Suppose $f(x,y)=\frac{x^2+y^2}{y}$. Find $$\lim_{(x,y) \to (0,0)} f(x,y)$$
What I have attempted: Suppose
$$x=rcos\theta$$
$$y=rsin\theta$$
Then $f(x,y)$ reduces to $f(r,\theta)$ where $ f(r,\theta)=\frac{r^2(sin^2\theta + cos^2\theta)}{rsin\theta}=\frac{r}{sin\theta}$
As $(x,y) \to (0,0) $, $r \to 0$
So, $$\lim_{(x,y) \to (0,0)}\frac{x^2+y^2}{y}=\lim_{r \to 0}\frac{r}{sin\theta}$$
$sin\theta$ is bounded function. So the above limit tends to $0$.

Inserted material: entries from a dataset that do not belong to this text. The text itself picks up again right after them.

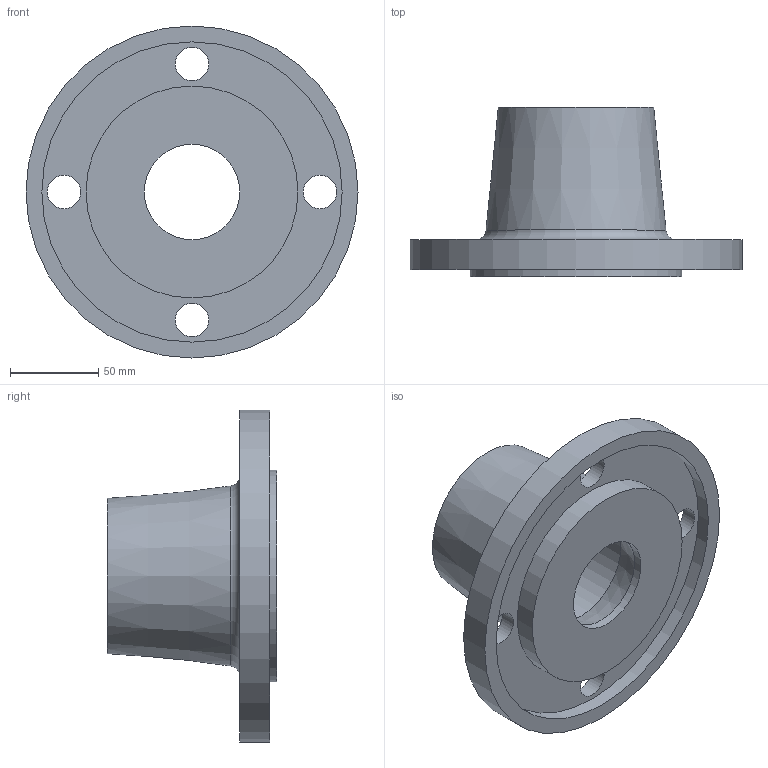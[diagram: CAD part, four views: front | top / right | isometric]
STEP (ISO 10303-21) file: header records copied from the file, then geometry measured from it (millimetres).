
FILE_DESCRIPTION(/* description */ (''),/* implementation_level */ '2;1');
FILE_NAME(/* name */ 'J:\onedrive\INVENTOR mellan skolPC och privatPC\Belos job 2022\export alla parter\Ny 5530 Rörfläns reducerad.stp',/* time_stamp */ '2022-02-19T13:24:57+01:00',/* author */ ('erikb'),/* organization */ (''),/* preprocessor_version */ 'ST-DEVELOPER v18.1',/* originating_system */ 'Autodesk Inventor 2022',/* authorisation */ '');
FILE_SCHEMA (('CONFIG_CONTROL_DESIGN'));
Length unit declared in the file: millimetre
Products named in the file (1): Ny 5530 Rörfläns reducerad
Bounding box: 188 x 96 x 188 mm (x, y, z)
Volume: 659603.4 mm3; surface area: 107483.5 mm2
Topology: 1 solids, 1 shells, 17 faces, 34 edges, 22 vertices
Faces by surface type: cylinder 9, plane 5, cone 2, torus 1
Full cylindrical faces by diameter (mm): 19 x4, 54 x1, 64 x1, 120 x1, 170 x1, 188 x1
Entity records: 542 total; most frequent: DIRECTION 93, CARTESIAN_POINT 74, ORIENTED_EDGE 68, AXIS2_PLACEMENT_3D 41, EDGE_CURVE 34, EDGE_LOOP 30, CIRCLE 23, VERTEX_POINT 22

Therefore $$\lim_{(x,y) \to (0,0)}\frac{x^2+y^2}{y}=0$$
Am I Correct ?
No, it is not correct. Since $\sin\theta$ can be very small, $\frac r{\sin\theta}$ can be very large.
Just consider the points of the for $\left(\sqrt y,y\right)$, with $y\geqslant0$ and note that$$\lim_{y\to0}\frac{y+y^2}y=\lim_{y\to0}1+y=1.$$Since, when $x=0$, the limit is $0$, your limit does not exist.